Kementerian Pertanian (Kementan) mempercepat target swasembada bawang putih dari semula tahun 2033 menjadi tahun 2019. Dari sekitar 73.000 hektar (ha) lahan yang dibutuhkan, yang dikembangkan baru mencapai 12.000 ha.
Kementan optimis mampu mempercepat perluasan lahan agar mampu mencapai swasembada, dimana dibutuhkan seluas 60 ribu ha untuk pemenuhan konsumsi dan 13 ribu ha untuk produksi benih. Pasalnya, saat ini ada kewajiban importir untuk ikut menanam bawang putih di Indonesia sebanyak 5 persen dari total impor yang diajukannya.

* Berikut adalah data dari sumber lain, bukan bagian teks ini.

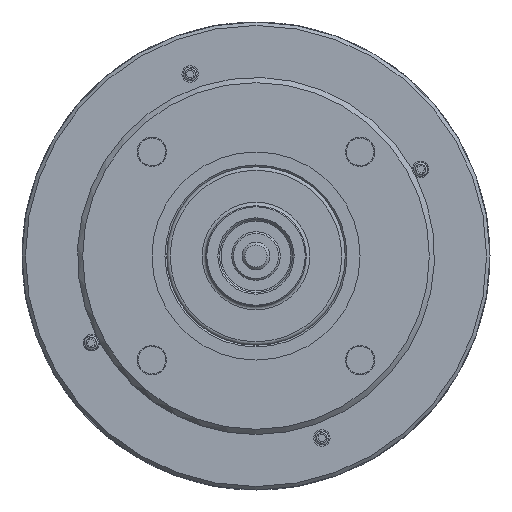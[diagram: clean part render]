
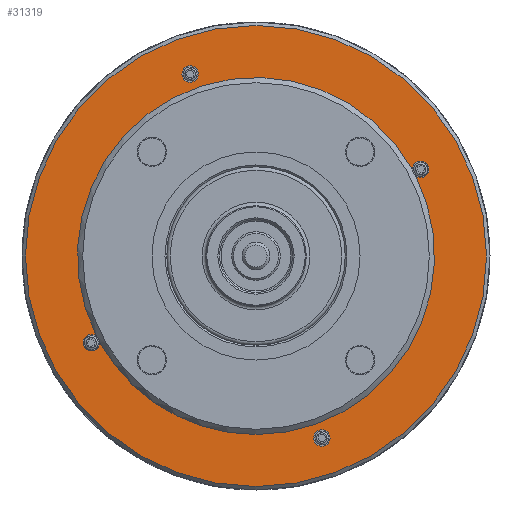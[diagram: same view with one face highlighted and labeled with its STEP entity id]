
A CAD part, left-side view. The second image highlights one B-rep face of the part: STEP entity #31319.
In plain terms, the highlighted planar face has unit normal (-1, 0, 0).
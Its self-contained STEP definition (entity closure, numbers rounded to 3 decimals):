
#973 = CIRCLE ( 'NONE', #8096, 103. ) ;
#2127 = EDGE_CURVE ( 'NONE', #12802, #56656, #50180, .T. ) ;
#2819 = DIRECTION ( 'NONE',  ( 1., 0., 0. ) ) ;
#7306 = FACE_BOUND ( 'NONE', #31163, .T. ) ;
#8096 = AXIS2_PLACEMENT_3D ( 'NONE', #65381, #60457, #9652 ) ;
#8878 = VERTEX_POINT ( 'NONE', #49346 ) ;
#9261 = DIRECTION ( 'NONE',  ( 0., 0., -1. ) ) ;
#9652 = DIRECTION ( 'NONE',  ( 0., 0., -1. ) ) ;
#10219 = CARTESIAN_POINT ( 'NONE',  ( -107., 95., -50. ) ) ;
#10693 = VERTEX_POINT ( 'NONE', #19124 ) ;
#11301 = DIRECTION ( 'NONE',  ( 1., 0., 0. ) ) ;
#12631 = CARTESIAN_POINT ( 'NONE',  ( -107., -90.266, 49.609 ) ) ;
#12802 = VERTEX_POINT ( 'NONE', #12631 ) ;
#13632 = CARTESIAN_POINT ( 'NONE',  ( -107., 0., 0. ) ) ;
#13880 = DIRECTION ( 'NONE',  ( 0., 0., -1. ) ) ;
#13944 = DIRECTION ( 'NONE',  ( 1., 0., 0. ) ) ;
#15428 = AXIS2_PLACEMENT_3D ( 'NONE', #10219, #15622, #9261 ) ;
#15622 = DIRECTION ( 'NONE',  ( 1., 0., 0. ) ) ;
#16778 = VERTEX_POINT ( 'NONE', #49834 ) ;
#18240 = DIRECTION ( 'NONE',  ( 1., 0., 0. ) ) ;
#18385 = EDGE_CURVE ( 'NONE', #62556, #62556, #24141, .T. ) ;
#19124 = CARTESIAN_POINT ( 'NONE',  ( -107., 91.997, -46.319 ) ) ;
#20313 = CIRCLE ( 'NONE', #52381, 103. ) ;
#20950 = EDGE_CURVE ( 'NONE', #56656, #66454, #973, .T. ) ;
#24141 = CIRCLE ( 'NONE', #68646, 133. ) ;
#24592 = CARTESIAN_POINT ( 'NONE',  ( -107., 0., -133. ) ) ;
#26667 = ORIENTED_EDGE ( 'NONE', *, *, #44879, .T. ) ;
#28514 = CARTESIAN_POINT ( 'NONE',  ( -107., 0., 0. ) ) ;
#28817 = DIRECTION ( 'NONE',  ( 1., 0., 0. ) ) ;
#29303 = AXIS2_PLACEMENT_3D ( 'NONE', #36582, #13944, #69729 ) ;
#29552 = CARTESIAN_POINT ( 'NONE',  ( -107., 38., 105. ) ) ;
#29737 = ORIENTED_EDGE ( 'NONE', *, *, #59926, .T. ) ;
#30330 = CARTESIAN_POINT ( 'NONE',  ( -107., -95., 50. ) ) ;
#31163 = EDGE_LOOP ( 'NONE', ( #29737 ) ) ;
#31319 = ADVANCED_FACE ( 'NONE', ( #71437, #7306, #46777, #52178 ), #59394, .F. ) ;
#33083 = ORIENTED_EDGE ( 'NONE', *, *, #36801, .T. ) ;
#33803 = EDGE_LOOP ( 'NONE', ( #38968 ) ) ;
#36299 = CIRCLE ( 'NONE', #69180, 4.75 ) ;
#36582 = CARTESIAN_POINT ( 'NONE',  ( -107., -103., 0. ) ) ;
#36801 = EDGE_CURVE ( 'NONE', #66454, #10693, #60962, .T. ) ;
#38968 = ORIENTED_EDGE ( 'NONE', *, *, #51573, .T. ) ;
#39735 = ORIENTED_EDGE ( 'NONE', *, *, #20950, .T. ) ;
#42170 = CARTESIAN_POINT ( 'NONE',  ( -107., -91.997, 46.319 ) ) ;
#42977 = EDGE_LOOP ( 'NONE', ( #26667, #61292, #39735, #33083 ) ) ;
#43623 = ORIENTED_EDGE ( 'NONE', *, *, #18385, .F. ) ;
#44879 = EDGE_CURVE ( 'NONE', #10693, #12802, #20313, .T. ) ;
#46777 = FACE_OUTER_BOUND ( 'NONE', #66913, .T. ) ;
#47617 = AXIS2_PLACEMENT_3D ( 'NONE', #29552, #18240, #62913 ) ;
#49346 = CARTESIAN_POINT ( 'NONE',  ( -107., 38., 100.25 ) ) ;
#49834 = CARTESIAN_POINT ( 'NONE',  ( -107., -38., -109.75 ) ) ;
#50175 = CIRCLE ( 'NONE', #47617, 4.75 ) ;
#50180 = CIRCLE ( 'NONE', #59185, 4.75 ) ;
#51573 = EDGE_CURVE ( 'NONE', #8878, #8878, #50175, .T. ) ;
#52178 = FACE_BOUND ( 'NONE', #42977, .T. ) ;
#52381 = AXIS2_PLACEMENT_3D ( 'NONE', #13632, #2819, #13880 ) ;
#56656 = VERTEX_POINT ( 'NONE', #42170 ) ;
#59185 = AXIS2_PLACEMENT_3D ( 'NONE', #30330, #64414, #70071 ) ;
#59394 = PLANE ( 'NONE',  #29303 ) ;
#59926 = EDGE_CURVE ( 'NONE', #16778, #16778, #36299, .T. ) ;
#60457 = DIRECTION ( 'NONE',  ( 1., 0., 0. ) ) ;
#60962 = CIRCLE ( 'NONE', #15428, 4.75 ) ;
#61292 = ORIENTED_EDGE ( 'NONE', *, *, #2127, .T. ) ;
#62133 = DIRECTION ( 'NONE',  ( 0., 0., -1. ) ) ;
#62432 = CARTESIAN_POINT ( 'NONE',  ( -107., -38., -105. ) ) ;
#62556 = VERTEX_POINT ( 'NONE', #24592 ) ;
#62913 = DIRECTION ( 'NONE',  ( 0., 0., -1. ) ) ;
#64155 = DIRECTION ( 'NONE',  ( 0., 0., -1. ) ) ;
#64414 = DIRECTION ( 'NONE',  ( 1., 0., 0. ) ) ;
#65381 = CARTESIAN_POINT ( 'NONE',  ( -107., 0., 0. ) ) ;
#66454 = VERTEX_POINT ( 'NONE', #70842 ) ;
#66913 = EDGE_LOOP ( 'NONE', ( #43623 ) ) ;
#68646 = AXIS2_PLACEMENT_3D ( 'NONE', #28514, #11301, #62133 ) ;
#69180 = AXIS2_PLACEMENT_3D ( 'NONE', #62432, #28817, #64155 ) ;
#69729 = DIRECTION ( 'NONE',  ( 0., 0., -1. ) ) ;
#70071 = DIRECTION ( 'NONE',  ( 0., 0., -1. ) ) ;
#70842 = CARTESIAN_POINT ( 'NONE',  ( -107., 90.266, -49.609 ) ) ;
#71437 = FACE_BOUND ( 'NONE', #33803, .T. ) ;

Dirjen Hortikultura Kementan, Spudnik Sujono mengatakan, kewajiban itu diatur dalam Peraturan Menteri Pertanian (Permentan) Nomor 16 Tahun 2017 tentang Rekomendasi Impor Produk Hortikultura (RIPH). Permentan tersebut memuat klausul importir bawang putih wajib melakukan tanam di dalam negeri.
Mulai tahun 2018 ini, Permentan tersebut sudah diberlakukan. Sehingga kebutuhan bawang putih di Indonesia yang mencapai 500.000 ton per tahun, tak lagi bergantung pada impor.
“Jika importir tidak melakukan tanam, rekomendasi izin impor benih berikutnya tidak dikeluarkan. Oleh sebab itu, kita optimistis.”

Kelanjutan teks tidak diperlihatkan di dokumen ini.